The government has proposed to exclude jewelers doing business in less than 300 square feet shop from standard sales tax and they will now be charged at Rs40,000 fixed tax to cover their all tax related liabilities.
It has proposed 3% tax on sale of jewelry 12.5% on sale of electric vehicle in CBU condition of 50 kv battery or below and 1% on electric vehicle transport buses of 25 seats or more in CBU form. The
It has also proposed that the fixed sales tax rates of Rs3,000 to Rs10,000 will be doubled for those retailers whose names are not appearing in the Active Taxpayers List issued by the Board under the Income Tax Ordinance, 2001 on the date of issuance of monthly electricity bill.
The government has proposed abolishing 17% GST on the retail price of the fertilizer and exempted it from the tax.
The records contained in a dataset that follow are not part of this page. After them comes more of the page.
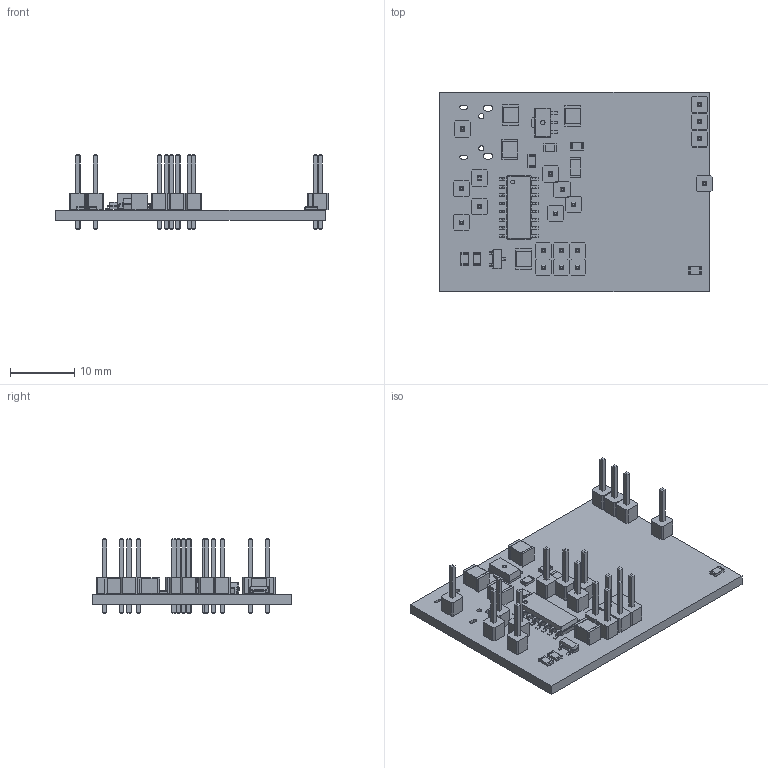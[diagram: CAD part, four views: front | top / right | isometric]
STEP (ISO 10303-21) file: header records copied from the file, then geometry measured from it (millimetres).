
FILE_DESCRIPTION(('KiCad electronic assembly'),'2;1');
FILE_NAME('weather_mux.step','2020-03-19T23:13:40',('An Author'),( 'A Company'),'Open CASCADE STEP processor 6.9', 'KiCad to STEP converter','Unknown');
FILE_SCHEMA(('AUTOMOTIVE_DESIGN { 1 0 10303 214 1 1 1 1 }'));
Length unit declared in the file: millimetre
Products named in the file (18): Open CASCADE STEP translator 6.9 1; PinHeader_1x01_P2.54mm_Vertical; SOLID; C_1210_3225Metric; SOT-23; R_0805_2012Metric; SOT-89-3; SOIC-16_3.9x9.9mm_P1.27mm; PinHeader_1x02_P2.54mm_Vertical; R_1206_3216Metric; COMPOUND
Assembly tree (39 placements, depth 3):
  Open CASCADE STEP translator 6.9 1
    PinHeader_1x01_P2.54mm_Vertical  x13
      SOLID
    C_1210_3225Metric  x4
      SOLID
    SOT-23
      SOLID
    R_0805_2012Metric  x6
      SOLID
    SOT-89-3
      SOLID
    SOIC-16_3.9x9.9mm_P1.27mm
      SOLID
    PinHeader_1x02_P2.54mm_Vertical  x3
      SOLID
    R_1206_3216Metric
      SOLID
    COMPOUND
Bounding box: 42.42 x 30.99 x 11.54 mm (x, y, z)
Volume: 2593.4 mm3; surface area: 4461.3 mm2
Topology: 31 solids, 31 shells, 1249 faces, 3101 edges, 1962 vertices
Faces by surface type: plane 974, cylinder 208, bspline 67
Full cylindrical faces by diameter (mm): 0.6 x1, 0.7 x1, 0.8 x2, 1 x16
Entity records: 42431 total; most frequent: CARTESIAN_POINT 7544, DIRECTION 5641, LINE 3870, VECTOR 3870, ORIENTED_EDGE 3066, PCURVE 3066, DEFINITIONAL_REPRESENTATION 3066, EDGE_CURVE 1533
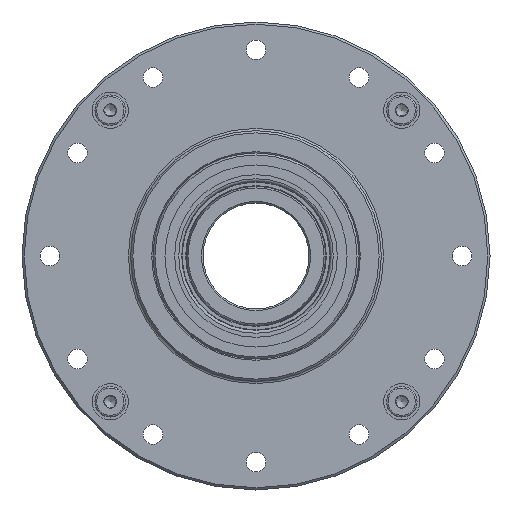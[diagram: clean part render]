
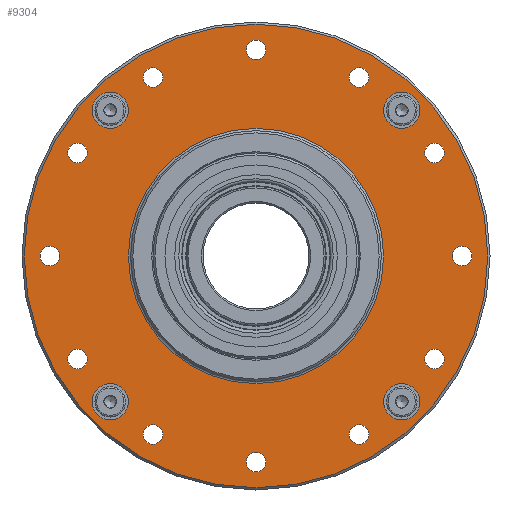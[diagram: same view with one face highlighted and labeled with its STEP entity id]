
A CAD part, left-side view. The second image highlights one B-rep face of the part: STEP entity #9304.
In plain terms, the highlighted planar face has unit normal (-1, 0, 0).
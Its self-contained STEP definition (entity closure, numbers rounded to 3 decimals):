
#1300=PLANE('',#15109);
#2940=EDGE_LOOP('',(#5492));
#2941=EDGE_LOOP('',(#5493));
#2942=EDGE_LOOP('',(#5494));
#2943=EDGE_LOOP('',(#5495));
#2944=EDGE_LOOP('',(#5496));
#2945=EDGE_LOOP('',(#5497));
#2946=EDGE_LOOP('',(#5498));
#2947=EDGE_LOOP('',(#5499));
#2948=EDGE_LOOP('',(#5500));
#2949=EDGE_LOOP('',(#5501));
#2950=EDGE_LOOP('',(#5502));
#2951=EDGE_LOOP('',(#5503));
#2952=EDGE_LOOP('',(#5504));
#2953=EDGE_LOOP('',(#5505));
#2954=EDGE_LOOP('',(#5506));
#2955=EDGE_LOOP('',(#5507));
#2956=EDGE_LOOP('',(#5508));
#2957=EDGE_LOOP('',(#5509));
#5492=ORIENTED_EDGE('',*,*,#7499,.T.);
#5493=ORIENTED_EDGE('',*,*,#7492,.T.);
#5494=ORIENTED_EDGE('',*,*,#7490,.T.);
#5495=ORIENTED_EDGE('',*,*,#7488,.T.);
#5496=ORIENTED_EDGE('',*,*,#7486,.T.);
#5497=ORIENTED_EDGE('',*,*,#7484,.T.);
#5498=ORIENTED_EDGE('',*,*,#7482,.T.);
#5499=ORIENTED_EDGE('',*,*,#7480,.T.);
#5500=ORIENTED_EDGE('',*,*,#7478,.T.);
#5501=ORIENTED_EDGE('',*,*,#7476,.T.);
#5502=ORIENTED_EDGE('',*,*,#7474,.T.);
#5503=ORIENTED_EDGE('',*,*,#7472,.T.);
#5504=ORIENTED_EDGE('',*,*,#7470,.T.);
#5505=ORIENTED_EDGE('',*,*,#7465,.T.);
#5506=ORIENTED_EDGE('',*,*,#7461,.T.);
#5507=ORIENTED_EDGE('',*,*,#7457,.T.);
#5508=ORIENTED_EDGE('',*,*,#7453,.T.);
#5509=ORIENTED_EDGE('',*,*,#7446,.T.);
#7446=EDGE_CURVE('',#12209,#12209,#13549,.T.);
#7453=EDGE_CURVE('',#12216,#12216,#13556,.T.);
#7457=EDGE_CURVE('',#12220,#12220,#13560,.T.);
#7461=EDGE_CURVE('',#12224,#12224,#13564,.T.);
#7465=EDGE_CURVE('',#12228,#12228,#13568,.T.);
#7470=EDGE_CURVE('',#12233,#12233,#13573,.T.);
#7472=EDGE_CURVE('',#12235,#12235,#13575,.T.);
#7474=EDGE_CURVE('',#12237,#12237,#13577,.T.);
#7476=EDGE_CURVE('',#12239,#12239,#13579,.T.);
#7478=EDGE_CURVE('',#12241,#12241,#13581,.T.);
#7480=EDGE_CURVE('',#12243,#12243,#13583,.T.);
#7482=EDGE_CURVE('',#12245,#12245,#13585,.T.);
#7484=EDGE_CURVE('',#12247,#12247,#13587,.T.);
#7486=EDGE_CURVE('',#12249,#12249,#13589,.T.);
#7488=EDGE_CURVE('',#12251,#12251,#13591,.T.);
#7490=EDGE_CURVE('',#12253,#12253,#13593,.T.);
#7492=EDGE_CURVE('',#12255,#12255,#13595,.T.);
#7499=EDGE_CURVE('',#12262,#12262,#13602,.T.);
#9304=ADVANCED_FACE('',(#10719,#10720,#10721,#10722,#10723,#10724,#10725,
#10726,#10727,#10728,#10729,#10730,#10731,#10732,#10733,#10734,#10735,#10736),
#1300,.F.);
#10719=FACE_BOUND('',#2940,.T.);
#10720=FACE_BOUND('',#2941,.T.);
#10721=FACE_BOUND('',#2942,.T.);
#10722=FACE_BOUND('',#2943,.T.);
#10723=FACE_BOUND('',#2944,.T.);
#10724=FACE_BOUND('',#2945,.T.);
#10725=FACE_BOUND('',#2946,.T.);
#10726=FACE_BOUND('',#2947,.T.);
#10727=FACE_BOUND('',#2948,.T.);
#10728=FACE_BOUND('',#2949,.T.);
#10729=FACE_BOUND('',#2950,.T.);
#10730=FACE_BOUND('',#2951,.T.);
#10731=FACE_BOUND('',#2952,.T.);
#10732=FACE_BOUND('',#2953,.T.);
#10733=FACE_BOUND('',#2954,.T.);
#10734=FACE_BOUND('',#2955,.T.);
#10735=FACE_BOUND('',#2956,.T.);
#10736=FACE_BOUND('',#2957,.T.);
#12209=VERTEX_POINT('',#23937);
#12216=VERTEX_POINT('',#23955);
#12220=VERTEX_POINT('',#23966);
#12224=VERTEX_POINT('',#23977);
#12228=VERTEX_POINT('',#23988);
#12233=VERTEX_POINT('',#24001);
#12235=VERTEX_POINT('',#24006);
#12237=VERTEX_POINT('',#24011);
#12239=VERTEX_POINT('',#24016);
#12241=VERTEX_POINT('',#24021);
#12243=VERTEX_POINT('',#24026);
#12245=VERTEX_POINT('',#24031);
#12247=VERTEX_POINT('',#24036);
#12249=VERTEX_POINT('',#24041);
#12251=VERTEX_POINT('',#24046);
#12253=VERTEX_POINT('',#24051);
#12255=VERTEX_POINT('',#24056);
#12262=VERTEX_POINT('',#24074);
#13549=CIRCLE('',#14978,22.9);
#13556=CIRCLE('',#14989,3.25);
#13560=CIRCLE('',#14996,3.25);
#13564=CIRCLE('',#15003,3.25);
#13568=CIRCLE('',#15010,3.25);
#13573=CIRCLE('',#15018,1.75);
#13575=CIRCLE('',#15021,1.75);
#13577=CIRCLE('',#15024,1.75);
#13579=CIRCLE('',#15027,1.75);
#13581=CIRCLE('',#15030,1.75);
#13583=CIRCLE('',#15033,1.75);
#13585=CIRCLE('',#15036,1.75);
#13587=CIRCLE('',#15039,1.75);
#13589=CIRCLE('',#15042,1.75);
#13591=CIRCLE('',#15045,1.75);
#13593=CIRCLE('',#15048,1.75);
#13595=CIRCLE('',#15051,1.75);
#13602=CIRCLE('',#15062,41.6);
#14978=AXIS2_PLACEMENT_3D('',#23936,#17993,#17994);
#14989=AXIS2_PLACEMENT_3D('',#23954,#18015,#18016);
#14996=AXIS2_PLACEMENT_3D('',#23965,#18029,#18030);
#15003=AXIS2_PLACEMENT_3D('',#23976,#18043,#18044);
#15010=AXIS2_PLACEMENT_3D('',#23987,#18057,#18058);
#15018=AXIS2_PLACEMENT_3D('',#24000,#18073,#18074);
#15021=AXIS2_PLACEMENT_3D('',#24005,#18079,#18080);
#15024=AXIS2_PLACEMENT_3D('',#24010,#18085,#18086);
#15027=AXIS2_PLACEMENT_3D('',#24015,#18091,#18092);
#15030=AXIS2_PLACEMENT_3D('',#24020,#18097,#18098);
#15033=AXIS2_PLACEMENT_3D('',#24025,#18103,#18104);
#15036=AXIS2_PLACEMENT_3D('',#24030,#18109,#18110);
#15039=AXIS2_PLACEMENT_3D('',#24035,#18115,#18116);
#15042=AXIS2_PLACEMENT_3D('',#24040,#18121,#18122);
#15045=AXIS2_PLACEMENT_3D('',#24045,#18127,#18128);
#15048=AXIS2_PLACEMENT_3D('',#24050,#18133,#18134);
#15051=AXIS2_PLACEMENT_3D('',#24055,#18139,#18140);
#15062=AXIS2_PLACEMENT_3D('',#24073,#18161,#18162);
#15109=AXIS2_PLACEMENT_3D('',#24141,#18255,#18256);
#17993=DIRECTION('',(1.,0.,0.));
#17994=DIRECTION('',(0.,0.,-1.));
#18015=DIRECTION('',(1.,0.,0.));
#18016=DIRECTION('',(0.,1.,0.));
#18029=DIRECTION('',(1.,0.,0.));
#18030=DIRECTION('',(0.,0.,1.));
#18043=DIRECTION('',(1.,0.,0.));
#18044=DIRECTION('',(0.,-1.,0.));
#18057=DIRECTION('',(1.,0.,0.));
#18058=DIRECTION('',(0.,0.,-1.));
#18073=DIRECTION('',(1.,0.,0.));
#18074=DIRECTION('',(0.,0.866,-0.5));
#18079=DIRECTION('',(1.,0.,0.));
#18080=DIRECTION('',(0.,1.,0.));
#18085=DIRECTION('',(1.,0.,0.));
#18086=DIRECTION('',(0.,0.866,0.5));
#18091=DIRECTION('',(1.,0.,0.));
#18092=DIRECTION('',(0.,0.5,0.866));
#18097=DIRECTION('',(1.,0.,0.));
#18098=DIRECTION('',(0.,0.,1.));
#18103=DIRECTION('',(1.,0.,0.));
#18104=DIRECTION('',(0.,-0.5,0.866));
#18109=DIRECTION('',(1.,0.,0.));
#18110=DIRECTION('',(0.,-0.866,0.5));
#18115=DIRECTION('',(1.,0.,0.));
#18116=DIRECTION('',(0.,-1.,0.));
#18121=DIRECTION('',(1.,0.,0.));
#18122=DIRECTION('',(0.,-0.866,-0.5));
#18127=DIRECTION('',(1.,0.,0.));
#18128=DIRECTION('',(0.,-0.5,-0.866));
#18133=DIRECTION('',(1.,0.,0.));
#18134=DIRECTION('',(0.,0.5,-0.866));
#18139=DIRECTION('',(1.,0.,0.));
#18140=DIRECTION('',(0.,0.,-1.));
#18161=DIRECTION('',(-1.,0.,0.));
#18162=DIRECTION('',(0.,0.,-1.));
#18255=DIRECTION('',(1.,0.,0.));
#18256=DIRECTION('',(0.,0.,-1.));
#23936=CARTESIAN_POINT('',(12.,0.,0.));
#23937=CARTESIAN_POINT('',(12.,0.,-22.9));
#23954=CARTESIAN_POINT('',(12.,-26.163,26.163));
#23955=CARTESIAN_POINT('',(12.,-22.913,26.163));
#23965=CARTESIAN_POINT('',(12.,-26.163,-26.163));
#23966=CARTESIAN_POINT('',(12.,-26.163,-22.913));
#23976=CARTESIAN_POINT('',(12.,26.163,-26.163));
#23977=CARTESIAN_POINT('',(12.,22.913,-26.163));
#23987=CARTESIAN_POINT('',(12.,26.163,26.163));
#23988=CARTESIAN_POINT('',(12.,26.163,22.913));
#24000=CARTESIAN_POINT('',(12.,18.5,32.043));
#24001=CARTESIAN_POINT('',(12.,20.016,31.168));
#24005=CARTESIAN_POINT('',(12.,0.,37.));
#24006=CARTESIAN_POINT('',(12.,1.75,37.));
#24010=CARTESIAN_POINT('',(12.,-18.5,32.043));
#24011=CARTESIAN_POINT('',(12.,-16.984,32.918));
#24015=CARTESIAN_POINT('',(12.,-32.043,18.5));
#24016=CARTESIAN_POINT('',(12.,-31.168,20.016));
#24020=CARTESIAN_POINT('',(12.,-37.,0.));
#24021=CARTESIAN_POINT('',(12.,-37.,1.75));
#24025=CARTESIAN_POINT('',(12.,-32.043,-18.5));
#24026=CARTESIAN_POINT('',(12.,-32.918,-16.984));
#24030=CARTESIAN_POINT('',(12.,-18.5,-32.043));
#24031=CARTESIAN_POINT('',(12.,-20.016,-31.168));
#24035=CARTESIAN_POINT('',(12.,0.,-37.));
#24036=CARTESIAN_POINT('',(12.,-1.75,-37.));
#24040=CARTESIAN_POINT('',(12.,18.5,-32.043));
#24041=CARTESIAN_POINT('',(12.,16.984,-32.918));
#24045=CARTESIAN_POINT('',(12.,32.043,-18.5));
#24046=CARTESIAN_POINT('',(12.,31.168,-20.016));
#24050=CARTESIAN_POINT('',(12.,32.043,18.5));
#24051=CARTESIAN_POINT('',(12.,32.918,16.984));
#24055=CARTESIAN_POINT('',(12.,37.,0.));
#24056=CARTESIAN_POINT('',(12.,37.,-1.75));
#24073=CARTESIAN_POINT('',(12.,0.,0.));
#24074=CARTESIAN_POINT('',(12.,0.,-41.6));
#24141=CARTESIAN_POINT('',(12.,42.,0.));

The sales tax exemption for oil cake and solid residue has also been restored.
The government has restored zero rating on local supplies of raw materials, components, part and plant and machinery to registered exporters authorized under Export Facilitation Scheme, 2021 notified by the Board with such conditions, limitations and restrictions as specified therein.
Customs duty
The government has withdrawn the decision that the collector can impose port charges –which was otherwise the domain of the Ministry for Maritime Affairs. The government has increased custom duties on import of Synthetic organic products of a kind used as fluorescent brightening agents from 16% to 20% and on Acid dyes, direct and reactive dyes from 11% to 16%.